Certainly, it is the case that freedom of speech doesn't entail the requirement to provide a platform. However, I quite like Columbia University President Lee C. Bollinger's reasoning:
"What is at stake is the ability to learn about the world and know about people, even dictators, even people who are highly repressive and highly dangerous, as Dr. Ahmadinejad," Bollinger said.
And yet, according to Gallup, college students -- two-thirds of them -- believe there are times when restricting free speech on campus is acceptable.
Most troubling for people like me is that 59 percent of college students have little or no trust in the press to report the news accurately and fairly.

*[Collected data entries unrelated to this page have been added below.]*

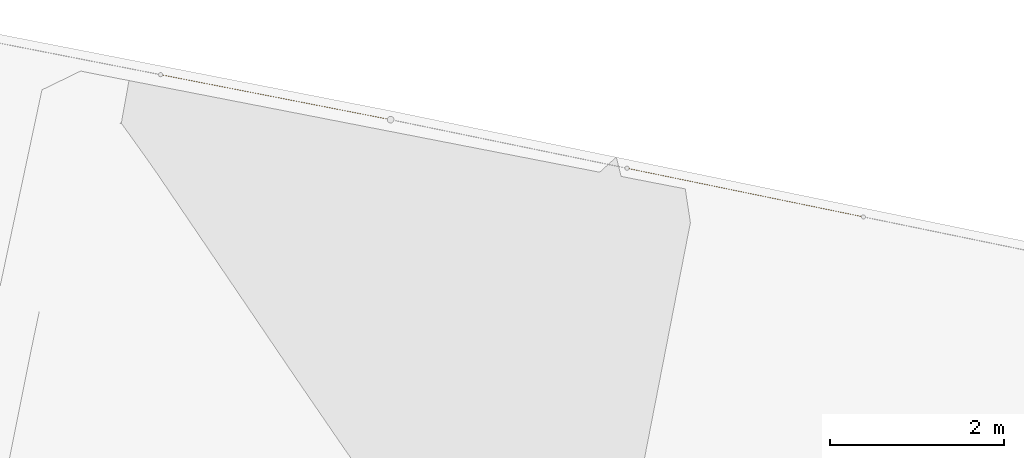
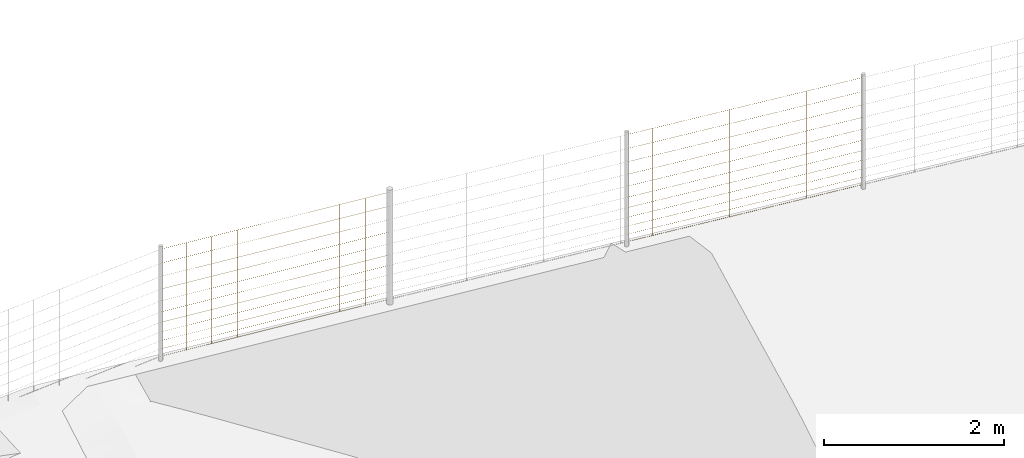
# Not in any storey, part 33 of 72: 2 railings.
"""IFC4 model written with IfcOpenShell, lengths in metres."""

from ifc_helpers import new_model, si_unit, direction, frame, origin_with_axes, place, context, subcontext, project, spatial, polygons, material, element, save


model = new_model("IFC4")

# Units and contexts
model_context = context("Model", 3, precision=1e-05, world=origin_with_axes(), true_north=direction((0.0, 1.0)))
body_context = subcontext(model_context, "Body", "Model", "MODEL_VIEW")
ifc_project = project(units=[si_unit("AREAUNIT", "SQUARE_METRE"), si_unit("VOLUMEUNIT", "CUBIC_METRE"), si_unit("LENGTHUNIT", "METRE")], contexts=[model_context])

# Site
site_placement = place(None, origin_with_axes())
site = spatial("IfcSite", under=ifc_project, at=site_placement, Name="Lares · Rua das Mercês · artigo 4771")

# Railings
ifc_material = material(Name="Aço galvanizado / Stahl verzinkt", Category="steel")
railing_1_placement = place(site_placement, frame((0.0, 0.0, 0.0), z_axis=(0.0, 0.0, 1.0), x_axis=(1.0, -1.03767253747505e-17, 0.0)))
element("IfcRailing", 1, at=railing_1_placement, inside=site, material=ifc_material, Name="Vedação · rede ovelheira 1.052", ObjectType="SHEEP_WIRE_FENCE", PredefinedType="USERDEFINED", context=body_context, shape_type="Tessellation", body=[
    polygons([(3.20927694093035, 23.9970637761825, 13.3124327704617), (3.20965407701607, 23.9985184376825, 13.310935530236), (3.20985269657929, 24.0000080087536, 13.3124327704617), (3.20947556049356, 23.9985533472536, 13.3139300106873), (5.84734411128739, 23.4811799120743, 13.4757158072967), (5.84772124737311, 23.4826345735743, 13.4742185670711), (5.84791986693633, 23.4841241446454, 13.4757158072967), (5.8475427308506, 23.4826694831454, 13.4772130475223), (3.20927694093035, 23.9970637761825, 13.4124327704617), (3.20965407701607, 23.9985184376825, 13.410935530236), (3.20985269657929, 24.0000080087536, 13.4124327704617), (3.20947556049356, 23.9985533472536, 13.4139300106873), (5.84734411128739, 23.4811799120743, 13.5757158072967), (5.84772124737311, 23.4826345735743, 13.5742185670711), (5.84791986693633, 23.4841241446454, 13.5757158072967), (5.8475427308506, 23.4826694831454, 13.5772130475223), (3.20927694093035, 23.9970637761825, 13.5224327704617), (3.20965407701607, 23.9985184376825, 13.520935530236), (3.20985269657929, 24.0000080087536, 13.5224327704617), (3.20947556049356, 23.9985533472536, 13.5239300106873), (5.84734411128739, 23.4811799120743, 13.6857158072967), (5.84772124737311, 23.4826345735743, 13.6842185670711), (5.84791986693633, 23.4841241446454, 13.6857158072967), (5.8475427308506, 23.4826694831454, 13.6872130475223), (3.20927694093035, 23.9970637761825, 13.6424327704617), (3.20965407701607, 23.9985184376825, 13.640935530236), (3.20985269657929, 24.0000080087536, 13.6424327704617), (3.20947556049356, 23.9985533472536, 13.6439300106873), (5.84734411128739, 23.4811799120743, 13.8057158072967), (5.84772124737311, 23.4826345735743, 13.8042185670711), (5.84791986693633, 23.4841241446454, 13.8057158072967), (5.8475427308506, 23.4826694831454, 13.8072130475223), (3.20927694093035, 23.9970637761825, 13.7724327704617), (3.20965407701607, 23.9985184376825, 13.770935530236), (3.20985269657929, 24.0000080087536, 13.7724327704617), (3.20947556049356, 23.9985533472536, 13.7739300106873), (5.84734411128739, 23.4811799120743, 13.9357158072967), (5.84772124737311, 23.4826345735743, 13.9342185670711), (5.84791986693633, 23.4841241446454, 13.9357158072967), (5.8475427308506, 23.4826694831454, 13.9372130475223), (3.20927694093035, 23.9970637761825, 13.9124327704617), (3.20965407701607, 23.9985184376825, 13.910935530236), (3.20985269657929, 24.0000080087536, 13.9124327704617), (3.20947556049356, 23.9985533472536, 13.9139300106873), (5.84734411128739, 23.4811799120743, 14.0757158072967), (5.84772124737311, 23.4826345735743, 14.0742185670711), (5.84791986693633, 23.4841241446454, 14.0757158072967), (5.8475427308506, 23.4826694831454, 14.0772130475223), (3.20927694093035, 23.9970637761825, 14.0624327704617), (3.20965407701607, 23.9985184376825, 14.060935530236), (3.20985269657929, 24.0000080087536, 14.0624327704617), (3.20947556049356, 23.9985533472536, 14.0639300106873), (5.84734411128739, 23.4811799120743, 14.2257158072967), (5.84772124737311, 23.4826345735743, 14.2242185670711), (5.84791986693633, 23.4841241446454, 14.2257158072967), (5.8475427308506, 23.4826694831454, 14.2272130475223), (3.20927694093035, 23.9970637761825, 14.2224327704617), (3.20965407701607, 23.9985184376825, 14.220935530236), (3.20985269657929, 24.0000080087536, 14.2224327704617), (3.20947556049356, 23.9985533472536, 14.2239300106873), (5.84734411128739, 23.4811799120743, 14.3857158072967), (5.84772124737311, 23.4826345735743, 14.3842185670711), (5.84791986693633, 23.4841241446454, 14.3857158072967), (5.8475427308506, 23.4826694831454, 14.3872130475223), (3.20927694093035, 23.9970637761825, 14.3924327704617), (3.20965407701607, 23.9985184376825, 14.390935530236), (3.20985269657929, 24.0000080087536, 14.3924327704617), (3.20947556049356, 23.9985533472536, 14.3939300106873), (5.84734411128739, 23.4811799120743, 14.5557158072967), (5.84772124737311, 23.4826345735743, 14.5542185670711), (5.84791986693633, 23.4841241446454, 14.5557158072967), (5.8475427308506, 23.4826694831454, 14.5572130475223), (3.20927694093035, 23.9970637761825, 14.5724327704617), (3.20965407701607, 23.9985184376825, 14.570935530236), (3.20985269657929, 24.0000080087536, 14.5724327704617), (3.20947556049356, 23.9985533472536, 14.5739300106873), (5.84734411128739, 23.4811799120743, 14.7357158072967), (5.84772124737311, 23.4826345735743, 14.7342185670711), (5.84791986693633, 23.4841241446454, 14.7357158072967), (5.8475427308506, 23.4826694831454, 14.7372130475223), (3.20927694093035, 23.9970637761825, 14.7624327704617), (3.20965407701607, 23.9985184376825, 14.760935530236), (3.20985269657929, 24.0000080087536, 14.7624327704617), (3.20947556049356, 23.9985533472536, 14.7639300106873), (5.84734411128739, 23.4811799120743, 14.9257158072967), (5.84772124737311, 23.4826345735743, 14.9242185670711), (5.84791986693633, 23.4841241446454, 14.9257158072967), (5.8475427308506, 23.4826694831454, 14.9272130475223), (3.50398807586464, 23.9424603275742, 13.3306560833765), (3.50248807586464, 23.9409603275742, 13.3306560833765), (3.50398807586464, 23.9394603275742, 13.3306560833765), (3.50548807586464, 23.9409603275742, 13.3306560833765), (3.50398807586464, 23.9424603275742, 14.7806560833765), (3.50248807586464, 23.9409603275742, 14.7806560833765), (3.50398807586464, 23.9394603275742, 14.7806560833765), (3.50548807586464, 23.9409603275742, 14.7806560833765), (3.79841133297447, 23.8848847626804, 13.3488793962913), (3.79691133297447, 23.8833847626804, 13.3488793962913), (3.79841133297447, 23.8818847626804, 13.3488793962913), (3.79991133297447, 23.8833847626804, 13.3488793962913), (3.79841133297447, 23.8848847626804, 14.7988793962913), (3.79691133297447, 23.8833847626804, 14.7988793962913), (3.79841133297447, 23.8818847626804, 14.7988793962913), (3.79991133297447, 23.8833847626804, 14.7988793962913), (4.0928345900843, 23.8273091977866, 13.3671027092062), (4.0913345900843, 23.8258091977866, 13.3671027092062), (4.0928345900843, 23.8243091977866, 13.3671027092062), (4.0943345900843, 23.8258091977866, 13.3671027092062), (4.0928345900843, 23.8273091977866, 14.8171027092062), (4.0913345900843, 23.8258091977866, 14.8171027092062), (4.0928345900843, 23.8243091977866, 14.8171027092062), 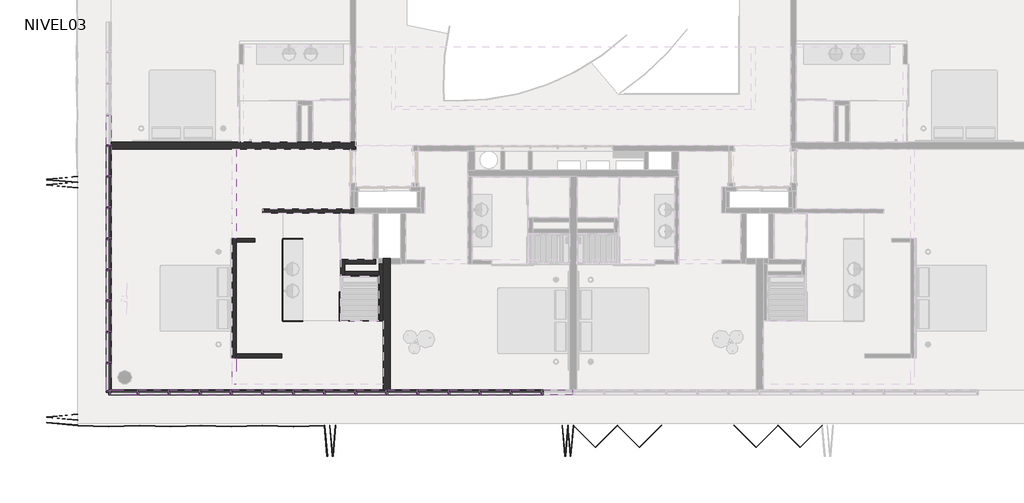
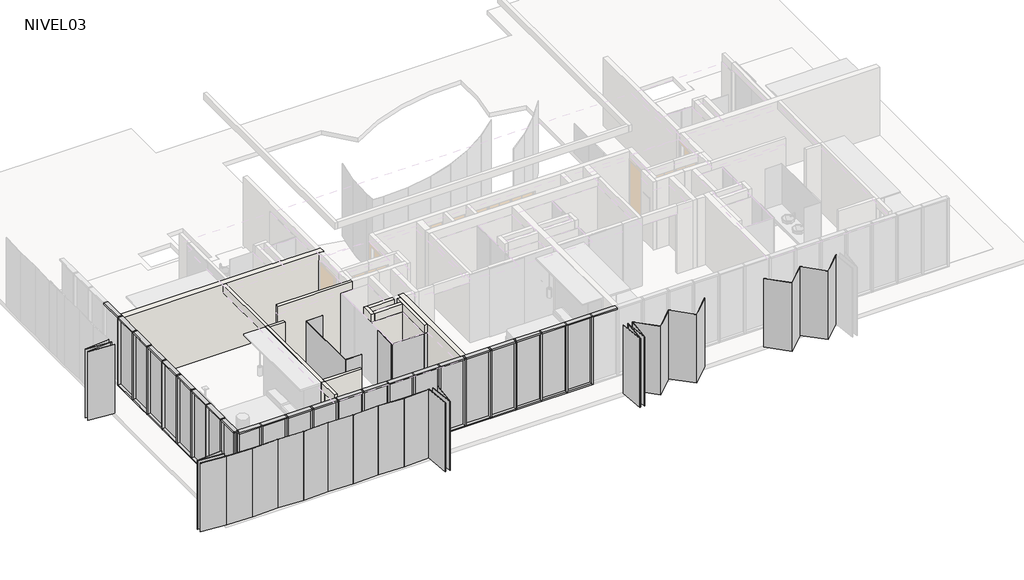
# One storey, part 1 of 8: 70 members, 31 plates, 15 walls.
"""IFC4 building model written with IfcOpenShell, lengths in millimetres."""

from ifc_helpers import new_model, si_unit, frame, origin, place, context, project, spatial, polyline, outline, extrude, faceted_brep, transform, mapped, element, save
from components import rectangular_mullion_50_x_150mm_324a6438, rectangular_mullion_50_x_150mm_d09437e2, rectangular_mullion_50_x_150mm_5dc04e1f, rectangular_mullion_50_x_150mm_33c2bde1, rectangular_mullion_50_x_150mm_da4cfd0d, folding_hd_d22e76f5, folding_hd_folding_hd_45_d1567fec, folding_hd_folding_hd_85_a0ccf00b, folding_hd_folding_hd_85_8b524484, panel_corredera_cr_panel_corredera_0e7ff004, system_panel_cr_shower_eca2249b, system_panel_cr_shower_cd40b9b4, system_panel_cr_shower_8ff19449, system_panel_cr_shower_4114597a, system_panel_glazed_8b1c2311, system_panel_glazed_b40d16d2, system_panel_glazed_24c908d7, system_panel_glazed_6ccc6dc1

model = new_model("IFC4")

# Units and contexts
model_context = context("Model", 3, world=origin())
ifc_project = project(units=[si_unit("LENGTHUNIT", "METRE", prefix="MILLI")], contexts=[model_context])

# Site, building, storey
site = spatial("IfcSite", under=ifc_project)
building = spatial("IfcBuilding", under=site)
storey = spatial("IfcBuildingStorey", under=building, Name="NIVEL03", Elevation=5220.0)

# Members
placement = place(None, origin())
rectangular_mullion_50_x_150mm_shape = rectangular_mullion_50_x_150mm_324a6438(model_context)
element("IfcMember", 1, ObjectType="Rectangular Mullion : 50 x 150mm", at=placement, inside=storey, context=model_context, shape_type="MappedRepresentation", body=[
    mapped(rectangular_mullion_50_x_150mm_shape, transform((-20633.5934748, -241.0860763, 7770.0), x_axis=(0.0, 0.0, 1.0), y_axis=(-1.0, 0.0, 0.0), z_axis=(0.0, -1.0, 0.0))),
])
element("IfcMember", 2, ObjectType="Rectangular Mullion : 50 x 150mm", at=placement, inside=storey, context=model_context, shape_type="MappedRepresentation", body=[
    mapped(rectangular_mullion_50_x_150mm_shape, transform((-20633.5934748, -1141.0860763, 7770.0), x_axis=(0.0, 0.0, 1.0), y_axis=(-1.0, 0.0, 0.0), z_axis=(0.0, -1.0, 0.0))),
])
element("IfcMember", 3, ObjectType="Rectangular Mullion : 50 x 150mm", at=placement, inside=storey, context=model_context, shape_type="MappedRepresentation", body=[
    mapped(rectangular_mullion_50_x_150mm_shape, transform((-20633.5934748, -2041.0860763, 7770.0), x_axis=(0.0, 0.0, 1.0), y_axis=(-1.0, 0.0, 0.0), z_axis=(0.0, -1.0, 0.0))),
])
element("IfcMember", 4, ObjectType="Rectangular Mullion : 50 x 150mm", at=placement, inside=storey, context=model_context, shape_type="MappedRepresentation", body=[
    mapped(rectangular_mullion_50_x_150mm_shape, transform((-20633.5934748, -2941.0860763, 7770.0), x_axis=(0.0, 0.0, 1.0), y_axis=(-1.0, 0.0, 0.0), z_axis=(0.0, -1.0, 0.0))),
])
element("IfcMember", 5, ObjectType="Rectangular Mullion : 50 x 150mm", at=placement, inside=storey, context=model_context, shape_type="MappedRepresentation", body=[
    mapped(rectangular_mullion_50_x_150mm_shape, transform((-20633.5934748, -3841.0860763, 7770.0), x_axis=(0.0, 0.0, 1.0), y_axis=(-1.0, 0.0, 0.0), z_axis=(0.0, -1.0, 0.0))),
])
element("IfcMember", 6, ObjectType="Rectangular Mullion : 50 x 150mm", at=placement, inside=storey, context=model_context, shape_type="MappedRepresentation", body=[
    mapped(rectangular_mullion_50_x_150mm_shape, transform((-20633.5934748, -4741.0860763, 7770.0), x_axis=(0.0, 0.0, 1.0), y_axis=(-1.0, 0.0, 0.0), z_axis=(0.0, -1.0, 0.0))),
])
element("IfcMember", 7, ObjectType="Rectangular Mullion : 50 x 150mm", at=placement, inside=storey, context=model_context, shape_type="MappedRepresentation", body=[
    mapped(rectangular_mullion_50_x_150mm_shape, transform((-20633.5934748, -5641.0860763, 7770.0), x_axis=(0.0, 0.0, 1.0), y_axis=(-1.0, 0.0, 0.0), z_axis=(0.0, -1.0, 0.0))),
])
element("IfcMember", 8, ObjectType="Rectangular Mullion : 50 x 150mm", at=placement, inside=storey, context=model_context, shape_type="MappedRepresentation", body=[
    mapped(rectangular_mullion_50_x_150mm_shape, transform((-20633.5934748, -6541.0860763, 7770.0), x_axis=(0.0, 0.0, 1.0), y_axis=(-1.0, 0.0, 0.0), z_axis=(0.0, -1.0, 0.0))),
])
element("IfcMember", 9, ObjectType="Rectangular Mullion : 50 x 150mm", at=placement, inside=storey, context=model_context, shape_type="MappedRepresentation", body=[
    mapped(rectangular_mullion_50_x_150mm_shape, transform((-20633.5934748, -291.0860763, 5200.0), x_axis=(0.0, 0.0, -1.0), y_axis=(-1.0, 0.0, 0.0), z_axis=(0.0, 1.0, 0.0))),
])
element("IfcMember", 10, ObjectType="Rectangular Mullion : 50 x 150mm", at=placement, inside=storey, context=model_context, shape_type="MappedRepresentation", body=[
    mapped(rectangular_mullion_50_x_150mm_shape, transform((-20633.5934748, -1191.0860763, 5200.0), x_axis=(0.0, 0.0, -1.0), y_axis=(-1.0, 0.0, 0.0), z_axis=(0.0, 1.0, 0.0))),
])
element("IfcMember", 11, ObjectType="Rectangular Mullion : 50 x 150mm", at=placement, inside=storey, context=model_context, shape_type="MappedRepresentation", body=[
    mapped(rectangular_mullion_50_x_150mm_shape, transform((-20633.5934748, -2091.0860763, 5200.0), x_axis=(0.0, 0.0, -1.0), y_axis=(-1.0, 0.0, 0.0), z_axis=(0.0, 1.0, 0.0))),
])
element("IfcMember", 12, ObjectType="Rectangular Mullion : 50 x 150mm", at=placement, inside=storey, context=model_context, shape_type="MappedRepresentation", body=[
    mapped(rectangular_mullion_50_x_150mm_shape, transform((-20633.5934748, -2991.0860763, 5200.0), x_axis=(0.0, 0.0, -1.0), y_axis=(-1.0, 0.0, 0.0), z_axis=(0.0, 1.0, 0.0))),
])
element("IfcMember", 13, ObjectType="Rectangular Mullion : 50 x 150mm", at=placement, inside=storey, context=model_context, shape_type="MappedRepresentation", body=[
    mapped(rectangular_mullion_50_x_150mm_shape, transform((-20633.5934748, -3891.0860763, 5200.0), x_axis=(0.0, 0.0, -1.0), y_axis=(-1.0, 0.0, 0.0), z_axis=(0.0, 1.0, 0.0))),
])
element("IfcMember", 14, ObjectType="Rectangular Mullion : 50 x 150mm", at=placement, inside=storey, context=model_context, shape_type="MappedRepresentation", body=[
    mapped(rectangular_mullion_50_x_150mm_shape, transform((-20633.5934748, -4791.0860763, 5200.0), x_axis=(0.0, 0.0, -1.0), y_axis=(-1.0, 0.0, 0.0), z_axis=(0.0, 1.0, 0.0))),
])
element("IfcMember", 15, ObjectType="Rectangular Mullion : 50 x 150mm", at=placement, inside=storey, context=model_context, shape_type="MappedRepresentation", body=[
    mapped(rectangular_mullion_50_x_150mm_shape, transform((-20633.5934748, -5691.0860763, 5200.0), x_axis=(0.0, 0.0, -1.0), y_axis=(-1.0, 0.0, 0.0), z_axis=(0.0, 1.0, 0.0))),
])
element("IfcMember", 16, ObjectType="Rectangular Mullion : 50 x 150mm", at=placement, inside=storey, context=model_context, shape_type="MappedRepresentation", body=[
    mapped(rectangular_mullion_50_x_150mm_shape, transform((-8058.5934748, -7416.0860759, 7770.0), x_axis=(0.0, 0.0, 1.0), y_axis=(0.0, 1.0, 0.0), z_axis=(-1.0, 0.0, 0.0))),
])
element("IfcMember", 17, ObjectType="Rectangular Mullion : 50 x 150mm", at=placement, inside=storey, context=model_context, shape_type="MappedRepresentation", body=[
    mapped(rectangular_mullion_50_x_150mm_shape, transform((-8958.5934748, -7416.0860759, 7770.0), x_axis=(0.0, 0.0, 1.0), y_axis=(0.0, 1.0, 0.0), z_axis=(-1.0, 0.0, 0.0))),
])
element("IfcMember", 18, ObjectType="Rectangular Mullion : 50 x 150mm", at=placement, inside=storey, context=model_context, shape_type="MappedRepresentation", body=[
    mapped(rectangular_mullion_50_x_150mm_shape, transform((-9858.5934748, -7416.0860759, 7770.0), x_axis=(0.0, 0.0, 1.0), y_axis=(0.0, 1.0, 0.0), z_axis=(-1.0, 0.0, 0.0))),
])
element("IfcMember", 19, ObjectType="Rectangular Mullion : 50 x 150mm", at=placement, inside=storey, context=model_context, shape_type="MappedRepresentation", body=[
    mapped(rectangular_mullion_50_x_150mm_shape, transform((-10758.5934748, -7416.0860759, 7770.0), x_axis=(0.0, 0.0, 1.0), y_axis=(0.0, 1.0, 0.0), z_axis=(-1.0, 0.0, 0.0))),
])
element("IfcMember", 20, ObjectType="Rectangular Mullion : 50 x 150mm", at=placement, inside=storey, context=model_context, shape_type="MappedRepresentation", body=[
    mapped(rectangular_mullion_50_x_150mm_shape, transform((-11658.5934748, -7416.0860759, 7770.0), x_axis=(0.0, 0.0, 1.0), y_axis=(0.0, 1.0, 0.0), z_axis=(-1.0, 0.0, 0.0))),
])
element("IfcMember", 21, ObjectType="Rectangular Mullion : 50 x 150mm", at=placement, inside=storey, context=model_context, shape_type="MappedRepresentation", body=[
    mapped(rectangular_mullion_50_x_150mm_shape, transform((-12558.5934748, -7416.0860759, 7770.0), x_axis=(0.0, 0.0, 1.0), y_axis=(0.0, 1.0, 0.0), z_axis=(-1.0, 0.0, 0.0))),
])
element("IfcMember", 22, ObjectType="Rectangular Mullion : 50 x 150mm", at=placement, inside=storey, context=model_context, shape_type="MappedRepresentation", body=[
    mapped(rectangular_mullion_50_x_150mm_shape, transform((-13458.5934748, -7416.0860759, 7770.0), x_axis=(0.0, 0.0, 1.0), y_axis=(0.0, 1.0, 0.0), z_axis=(-1.0, 0.0, 0.0))),
])
element("IfcMember", 23, ObjectType="Rectangular Mullion : 50 x 150mm", at=placement, inside=storey, context=model_context, shape_type="MappedRepresentation", body=[
    mapped(rectangular_mullion_50_x_150mm_shape, transform((-14358.5934748, -7416.0860759, 7770.0), x_axis=(0.0, 0.0, 1.0), y_axis=(0.0, 1.0, 0.0), z_axis=(-1.0, 0.0, 0.0))),
])
element("IfcMember", 24, ObjectType="Rectangular Mullion : 50 x 150mm", at=placement, inside=storey, context=model_context, shape_type="MappedRepresentation", body=[
    mapped(rectangular_mullion_50_x_150mm_shape, transform((-15258.5934748, -7416.0860759, 7770.0), x_axis=(0.0, 0.0, 1.0), y_axis=(0.0, 1.0, 0.0), z_axis=(-1.0, 0.0, 0.0))),
])
element("IfcMember", 25, ObjectType="Rectangular Mullion : 50 x 150mm", at=placement, inside=storey, context=model_context, shape_type="MappedRepresentation", body=[
    mapped(rectangular_mullion_50_x_150mm_shape, transform((-16158.5934748, -7416.0860759, 7770.0), x_axis=(0.0, 0.0, 1.0), y_axis=(0.0, 1.0, 0.0), z_axis=(-1.0, 0.0, 0.0))),
])
element("IfcMember", 26, ObjectType="Rectangular Mullion : 50 x 150mm", at=placement, inside=storey, context=model_context, shape_type="MappedRepresentation", body=[
    mapped(rectangular_mullion_50_x_150mm_shape, transform((-17058.5934748, -7416.0860759, 7770.0), x_axis=(0.0, 0.0, 1.0), y_axis=(0.0, 1.0, 0.0), z_axis=(-1.0, 0.0, 0.0))),
])
element("IfcMember", 27, ObjectType="Rectangular Mullion : 50 x 150mm", at=placement, inside=storey, context=model_context, shape_type="MappedRepresentation", body=[
    mapped(rectangular_mullion_50_x_150mm_shape, transform((-17958.5934748, -7416.0860759, 7770.0), x_axis=(0.0, 0.0, 1.0), y_axis=(0.0, 1.0, 0.0), z_axis=(-1.0, 0.0, 0.0))),
])
element("IfcMember", 28, ObjectType="Rectangular Mullion : 50 x 150mm", at=placement, inside=storey, context=model_context, shape_type="MappedRepresentation", body=[
    mapped(rectangular_mullion_50_x_150mm_shape, transform((-18858.5934748, -7416.0860759, 7770.0), x_axis=(0.0, 0.0, 1.0), y_axis=(0.0, 1.0, 0.0), z_axis=(-1.0, 0.0, 0.0))),
])
element("IfcMember", 29, ObjectType="Rectangular Mullion : 50 x 150mm", at=placement, inside=storey, context=model_context, shape_type="MappedRepresentation", body=[
    mapped(rectangular_mullion_50_x_150mm_shape, transform((-19758.5934748, -7416.0860759, 7770.0), x_axis=(0.0, 0.0, 1.0), y_axis=(0.0, 1.0, 0.0), z_axis=(-1.0, 0.0, 0.0))),
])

In fact, those two ideas -- times when restricting free speech is acceptable and a distrust of the press -- converged at Miami with the recent controversy over the Tim Fresch article.
No matter one's view on the article, I would hope most would find it repugnant to think Miami's administration should "do something about us," or that the Student's funding should be pulled or that the faculty advisor, Professor James Tobin, should be fired (despite not actually having any say, rightly, over what we print; he can only make suggestions).
Those are all comments I saw among the reactions to the article.
Even the calls to retract the article are misguided. What point would that serve, especially when it's already in the ether? Instead, let's talk about it in a robust manner, as has happened, although not always in a civil manner.
Nevertheless, I take solace in my lapse in judgment over the petition.
Not only do I now have a chance to use one of my last columns to repent, but also to actively make the case for another controversial campus appearance.
On April 30, Jeffry Smith, a firearm instructor and activist from Cincinnati, is planning an open-carry event through the campus and city of Oxford. As of this writing, according to the group's Facebook age, 46 people are going, with 121 interested.
The aim is to campaign for concealed carry on Miami's campus.
One of the biggest problems in our dialogues about guns is precisely that we don't dialogue or even seek to understand the other side.
There is nothing inherent in owning, possessing and carrying a gun that makes someone violent.
Their presence on campus, much like Will's or Ahmadinejad's, ought to be seen as a learning opportunity.
Unlike what Evan Fackler said in his April 12 column on the subject, it would be in accordance with the ideal of college culture, not the antithesis.
Free speech and free expression (even if that entails armed expression) should not be feared, most especially when it involves a clashing of ideas.